= Last Rumba in Havana =

2001 novel by Fernando Velázquez Medina

Last Rumba in Havana is a novel by the Afro-Cuban dissident writer and journalist Fernando Velázquez Medina, who was born in Havana in 1951. It was published in New York in December 2001 by the Hispanic newspaper chain Hoy LLC, and boasts a cover designed by the Colombian artist Juan Arango.

==Style==
The story is framed within the so-called dirty realism of Latin America (led by the famous Cuban Pedro Juan Gutiérrez). Spanish critic and poet Pablo Martinez Zarracina said in an article on Cuban literature published in El Norte de Castilla Lyrics that the book is considered to be an important work of this movement along with "Dirty Havana Trilogy"
by Gutierrez. The author was interviewed on television both in the Big Apple and Miami, and several Hispanic newspapers (such as La Opinión in Los Angeles) cited the book in their cultural pages. In June 2009, the Chilean journalist Pedro Scharwze published a story on "Last Rumba in Havana" on the occasion of its re-release in Spain by Editorial Baile del Sol Canary Islands, with a cover designed by the Cuban graphic artist Yailen Rivera based on an idea of Jesus Rivera's
father who was a painter. The book was praised by authors as diverse as the Spanish novelist Antonio Muñoz Molina; the Cuban poet Raúl Rivero; Cuban narrators Norberto Fuentes, Teresa Dovalpage, Felix Luis Viera and Antonio Benítez-Rojo; Édouard Manet and the French Machover Jacob; and Spanish critic Mendoza Apuleius Pío Serrano. The Spanish researcher Beatriz Calvo said that along with works by Daína Chaviano and Zoé Valdés, "Last Rumba in Havana" was among the most outstanding books crafted by writers in exile on the situation of women in Cuba. Accolades continued, as the Mexican poet Raúl Caballero published an article about the book in El Nuevo Herald of Miami, commenting that its title says it all and the work delivers a new aspect of Cuban literature.

==Plot==
The book chronicles the life of an architecture student turned prostitute.
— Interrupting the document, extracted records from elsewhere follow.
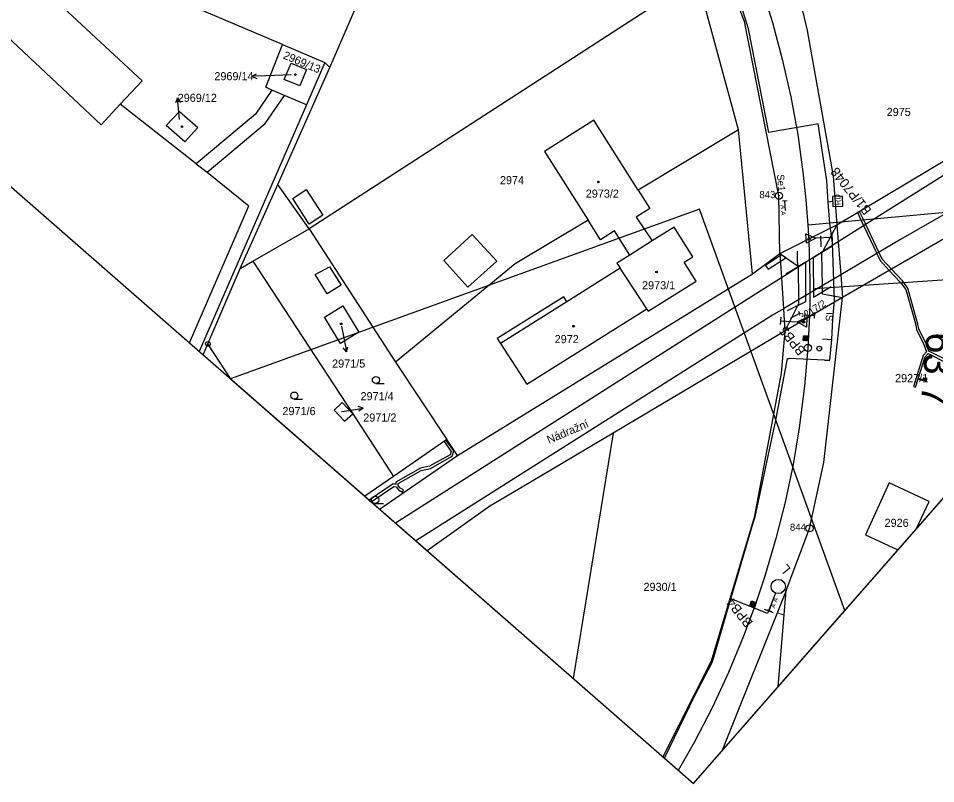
# Model space of a CAD drawing. Extents: x -620475 to -619963, y -1123010 to -1122510.
# Drawn here: x -620300.1 to -620107.7, y -1123010.1 to -1122849.6 of the extents above; entities that cross this region are included whole.
import ezdxf

# ---------------------------------------------------------------- set-up
doc = ezdxf.new("R2010")
doc.units = 0
for name, color, linetype in [('HranDP', 7, 'Continuous'), ('Hranice parcel', 7, 'Continuous'), ('Parcelní čísla', 7, 'Continuous'), ('Pop  PČ popisy', 7, 'Continuous'), ('Rámečky', 7, 'Continuous'), ('Rámečky-tisk', 7, 'Continuous'), ('Vnitřní kresba', 7, 'Continuous'), ('Vrstva 1', 7, 'Continuous'), ('Vrstva 19', 7, 'Continuous'), ('Vrstva 2', 7, 'Continuous'), ('Vrstva 3', 7, 'Continuous'), ('Vrstva 4', 7, 'Continuous'), ('Vrstva 51', 7, 'Continuous'), ('Vrstva 6', 7, 'Continuous'), ('Vrstva 7', 7, 'Continuous'), ('Věcná břemena k části', 7, 'Continuous'), ('Značky bodu BP', 7, 'Continuous'), ('Značky budov', 7, 'Continuous'), ('Značky kultur', 7, 'Continuous')]:
    doc.layers.add(name, color=color, linetype=linetype)

msp = doc.modelspace()

# ---------------------------------------------------------------- linework, layer by layer
at = {"layer": 'HranDP'}
for points in [[(-620143.18, -1122816.17), (-620134.66, -1122852.11), (-620129.18, -1122882.66), (-620128.4, -1122892.9)], [(-620140.38, -1122898.92), (-620140.56, -1122886.8), (-620147.76, -1122850.22), (-620152.84, -1122837.4)], [(-620128.4, -1122892.9), (-620131.42, -1122898.55), (-620131.63, -1122898.95), (-620131.51, -1122905.69)], [(-620140.38, -1122898.92), (-620136.53, -1122901.57), (-620136.53, -1122901.79), (-620136.48, -1122908.63), (-620136.47, -1122909.48), (-620139.31, -1122915.18)], [(-620131.51, -1122905.69), (-620131.48, -1122907.34), (-620127.22, -1122908.12)], [(-620139.01, -1122969.61), (-620134.15, -1122956.58), (-620131.17, -1122942.74), (-620127.22, -1122908.12)], [(-620139.31, -1122915.18), (-620140.08, -1122924.01), (-620145.74, -1122954.29), (-620154.8, -1122984.44), (-620164.93, -1123004.51)], [(-620139.01, -1122969.61), (-620152.54, -1123003.33)]]:
    msp.add_lwpolyline(points, dxfattribs=at)
at = {"layer": 'Hranice parcel'}
for p, q in [((-620244.68, -1122855.06), (-620280.92, -1122839.64)), ((-620244.68, -1122855.06), (-620235.77, -1122858.86)), ((-620234.78, -1122859.86), (-620235.77, -1122858.86)), ((-620250.91, -1122900.53), (-620239.08, -1122893.74)), ((-620239.08, -1122893.74), (-620220.99, -1122921.7)), ((-620140.38, -1122898.92), (-620128.4, -1122892.9)), ((-620105.32, -1122895.5), (-620127.22, -1122908.12)), ((-620146.13, -1122903.17), (-620140.38, -1122898.92)), ((-620253.53, -1122902.03), (-620250.91, -1122900.53)), ((-620260.32, -1122917.88), (-620253.53, -1122902.03)), ((-620208, -1122941.31), (-620146.13, -1122903.17)), ((-620127.22, -1122908.12), (-620139.31, -1122915.18)), ((-620139.31, -1122915.18), (-620175.35, -1122936.6)), ((-620261.31, -1122920.2), (-620260.32, -1122917.88)), ((-620255.45, -1122925.33), (-620260.32, -1122917.88)), ((-620220.99, -1122921.7), (-620210.21, -1122937.96)), ((-620210.21, -1122937.96), (-620221.39, -1122945.68)), ((-620208, -1122941.31), (-620210.21, -1122937.96)), ((-620224.32, -1122952.56), (-620208, -1122941.31)), ((-620221.39, -1122945.68), (-620227.42, -1122949.84)), ((-620201.16, -1122951.94), (-620214.32, -1122961.31)), ((-620140.71, -1122989.82), (-620139.01, -1122969.61))]:
    msp.add_line(p, q, dxfattribs=at)
for points in [[(-620234.78, -1122859.86), (-620228.39, -1122845.14), (-620201.6, -1122784.9)], [(-620143.18, -1122816.17), (-620134.66, -1122852.11), (-620129.18, -1122882.66), (-620128.4, -1122892.9)], [(-620152.84, -1122837.4), (-620157.72, -1122840.99), (-620239.08, -1122893.74)], [(-620140.38, -1122898.92), (-620140.56, -1122886.8), (-620147.76, -1122850.22), (-620152.84, -1122837.4)], [(-620301.53, -1122845.3), (-620297.45, -1122840.93), (-620274.13, -1122862.72)], [(-620274.13, -1122862.72), (-620278.69, -1122867.6), (-620282.72, -1122871.91), (-620306.02, -1122850.12)], [(-620235.77, -1122858.86), (-620239.62, -1122867.69), (-620244.23, -1122865.77), (-620246.9, -1122864.61), (-620248.18, -1122864.05), (-620244.68, -1122855.06)], [(-620128.4, -1122892.9), (-620078.79, -1122863.28), (-620080.86, -1122856.55)], [(-620239.62, -1122860.31), (-620241.03, -1122863.75), (-620244.32, -1122862.42), (-620242.88, -1122858.98), (-620239.62, -1122860.31)], [(-620253.53, -1122902.03), (-620245.67, -1122884.47), (-620234.78, -1122859.86)], [(-620262.45, -1122872.51), (-620265.17, -1122875.49), (-620269.05, -1122872.04), (-620266.28, -1122869.15), (-620262.45, -1122872.51)], [(-620170.07, -1122885.6), (-620179.4, -1122870.92), (-620189.75, -1122877.5), (-620180.6, -1122891.9)], [(-620146.13, -1122903.17), (-620149.02, -1122872.99), (-620170.07, -1122885.6)], [(-620170.07, -1122885.6), (-620167.62, -1122889.46), (-620170.53, -1122891.31), (-620167.12, -1122896.26), (-620171.85, -1122899.25), (-620175.05, -1122894.19), (-620177.97, -1122896.04), (-620180.6, -1122891.9)], [(-620180.6, -1122891.9), (-620195.9, -1122901.07), (-620220.99, -1122921.7)], [(-620128.4, -1122892.9), (-620131.42, -1122898.55), (-620131.63, -1122898.95), (-620131.51, -1122905.69)], [(-620140.38, -1122898.92), (-620136.53, -1122901.57), (-620136.53, -1122901.79), (-620136.48, -1122908.63), (-620136.47, -1122909.48), (-620139.31, -1122915.18)], [(-620250.91, -1122900.53), (-620229.95, -1122932.57), (-620221.39, -1122945.68)], [(-620198.98, -1122917.79), (-620193.45, -1122926.35), (-620168.27, -1122910.5), (-620173.85, -1122901.99), (-620185.06, -1122909.04), (-620185.7, -1122908.03), (-620199.62, -1122916.78), (-620198.98, -1122917.79)], [(-620131.51, -1122905.69), (-620131.48, -1122907.34), (-620127.22, -1122908.12)], [(-620139.01, -1122969.61), (-620134.15, -1122956.58), (-620131.17, -1122942.74), (-620127.22, -1122908.12)], [(-620228.65, -1122915.4), (-620232.52, -1122917.77), (-620235.88, -1122912.25), (-620231.99, -1122909.89), (-620228.65, -1122915.4)], [(-620139.31, -1122915.18), (-620140.08, -1122924.01), (-620145.74, -1122954.29), (-620154.8, -1122984.44), (-620164.93, -1123004.51)], [(-620229.95, -1122932.57), (-620232.13, -1122930.14), (-620233.86, -1122931.77)], [(-620233.86, -1122931.77), (-620231.67, -1122934.08), (-620229.95, -1122932.57)], [(-620175.35, -1122936.6), (-620194.44, -1122947.94), (-620201.16, -1122951.94)], [(-620175.35, -1122936.6), (-620183.73, -1122988.07)], [(-620111.68, -1122956.63), (-620109.02, -1122950.94), (-620117.41, -1122947.01), (-620122.42, -1122957.94)], [(-620122.42, -1122957.94), (-620115.6, -1122961.11)], [(-620139.01, -1122969.61), (-620152.54, -1123003.33)]]:
    msp.add_lwpolyline(points, dxfattribs=at)
at = {"layer": 'Pop  PČ popisy'}
for p, q in [((-620251.09, -1122861.73), (-620250.11, -1122861.19)), ((-620248.09, -1122861.62), (-620251.09, -1122861.73)), ((-620251.09, -1122861.73), (-620250.07, -1122862.19)), ((-620242.88, -1122861.46), (-620248.09, -1122861.62)), ((-620266.68, -1122866.25), (-620267.09, -1122867.29)), ((-620266.42, -1122869.24), (-620266.68, -1122866.25)), ((-620266.68, -1122866.25), (-620266.09, -1122867.2)), ((-620266.29, -1122870.78), (-620266.42, -1122869.24)), ((-620232.3, -1122914.19), (-620231.83, -1122916.62)), ((-620231.83, -1122916.62), (-620231.26, -1122919.57)), ((-620231.26, -1122919.57), (-620231.94, -1122918.68)), ((-620231.26, -1122919.57), (-620230.96, -1122918.49)), ((-620232.28, -1122932.09), (-620230.7, -1122931.83)), ((-620230.7, -1122931.83), (-620227.74, -1122931.36)), ((-620227.74, -1122931.36), (-620228.8, -1122931.02)), ((-620227.74, -1122931.36), (-620228.65, -1122932.01))]:
    msp.add_line(p, q, dxfattribs=at)
at = {"layer": 'Rámečky'}
msp.add_line((-620158.49, -1123010.14), (-619962.95, -1122786.6), dxfattribs=at)
for points in [[(-620279.07, -1122510.07), (-620474.61, -1122733.62), (-620158.49, -1123010.14)], [(-620126.7, -1122973.8), (-620157.19, -1122889.6), (-620255.57, -1122925.22)], [(-620255.57, -1122925.22), (-620158.49, -1123010.14), (-620126.7, -1122973.8)]]:
    msp.add_lwpolyline(points, dxfattribs=at)
at = {"layer": 'Rámečky-tisk'}
for points in [[(-620279.07, -1122510.07), (-620474.61, -1122733.62), (-620158.49, -1123010.14)], [(-620158.49, -1123010.14), (-619962.95, -1122786.6), (-620279.07, -1122510.07)], [(-620126.7, -1122973.8), (-620157.19, -1122889.6), (-620255.57, -1122925.22)], [(-620255.57, -1122925.22), (-620158.49, -1123010.14), (-620126.7, -1122973.8)]]:
    msp.add_lwpolyline(points, dxfattribs=at)
at = {"layer": 'Vnitřní kresba'}
for p, q in [((-620149.02, -1122872.99), (-620157.72, -1122840.99)), ((-620246.9, -1122864.61), (-620250.37, -1122869.68)), ((-620248.3, -1122871.67), (-620244.23, -1122865.77)), ((-620080.37, -1122866.39), (-620119.37, -1122890.92)), ((-620262.79, -1122880.12), (-620278.69, -1122867.6)), ((-620239.62, -1122867.69), (-620262.18, -1122919.44)), ((-620250.37, -1122869.68), (-620262.79, -1122880.12)), ((-620260.48, -1122881.85), (-620248.3, -1122871.67)), ((-620262.79, -1122880.12), (-620260.48, -1122881.85)), ((-620260.48, -1122881.85), (-620251.76, -1122888.93)), ((-620239.08, -1122893.74), (-620245.67, -1122884.47)), ((-620242.49, -1122887.38), (-620239.68, -1122885.51)), ((-620239.68, -1122885.51), (-620236.19, -1122890.86)), ((-620239.05, -1122892.73), (-620242.49, -1122887.38)), ((-620100.87, -1122887.82), (-620115.07, -1122895.95)), ((-620264.19, -1122917.69), (-620251.76, -1122888.93)), ((-620236.19, -1122890.86), (-620239.05, -1122892.73)), ((-620119.37, -1122890.92), (-620128.12, -1122896.46)), ((-620162.51, -1122893.37), (-620167.12, -1122896.26)), ((-620158.59, -1122899.61), (-620162.51, -1122893.37)), ((-620128.4, -1122892.9), (-620128.12, -1122896.46)), ((-620210.87, -1122900.4), (-620204.92, -1122894.91)), ((-620204.92, -1122894.91), (-620199.73, -1122900.55)), ((-620128.12, -1122896.46), (-620131.42, -1122898.55)), ((-620128.12, -1122896.46), (-620127.59, -1122903.37)), ((-620115.07, -1122895.95), (-620127.59, -1122903.37)), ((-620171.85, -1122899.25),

It portrays the reality of the notorious Cuban prostitutes who cater only to foreigners. The author delivers fragments of this life through a long monologue, starting with
tales of sordid and violent episodes of childhood in the Havana neighborhood of Jesus Maria. With a nihilistic vision of Cuban society, he pursues his character's story both in the poor neighborhoods and those of high-ranking Cuban luxury hotels as well as prisons. It is a journey through the lost paradise that never officially existed. The dialogue is broken occasionally by insertions of short stories, poems, imaginary telephone conversations, proverbs and other resources, giving it a lyrical quality.

==Characters==
Throughout the text, the name of Dolphin is repeated, the first-love teen protagonist who was murdered. It also highlights Manca, a friend of main character John the Dead, who makes a brief appearance but is important because of the theme of child prostitution. As in John Dos Passos' novel Manhattan Transfer, dozens of characters swarm in and out of the action like extras in a movie. But they are real characters, some intellectuals and some dissidents in Cuba.

==Theme==
The novel delves into the spirit of transgression, amorality, and the blooming of youth in an amoral society. The story unfolds over three days in the life of a Cuban prostitute and culminates with the scandalous uprising that took place
in Havana in August 1994. The extraordinary sense of alienation, racism inherent in any dictatorship, lack of hope, and the irrational impulse to leave the country by any means, create an amazing atmosphere that culminates in an outburst of violence told by an anonymous and unnamed protagonist.

==Reception==
Although the book was greeted with silence in the Cuban community (especially in newspapers in Miami with Cuban influence), the reaction among Latin American intellectuals living in the U.S. was quite different. ABC Dominican, a literary magazine, interviewed the author. La Opinion of Los Angeles published a laudatory review, and other newspapers (including New York Today and The Dallas Star) reviewed the book. The author was also quoted on the digital page Rinconete, the Instituto Cervantes, as one of the new Cuban-born writers. In addition, the Madrid newspaper ABC published an article saying that the well-known writer Norberto Fuentes placed the author of "Last Rumba in Havana" among the most important writers in exile. With all of this support the book sold ten thousand copies, but a sector of the Cuban exile's community branded it as "pornographic."

==Notes==

- Article was created based on a translation of the Spanish language Wikipedia article.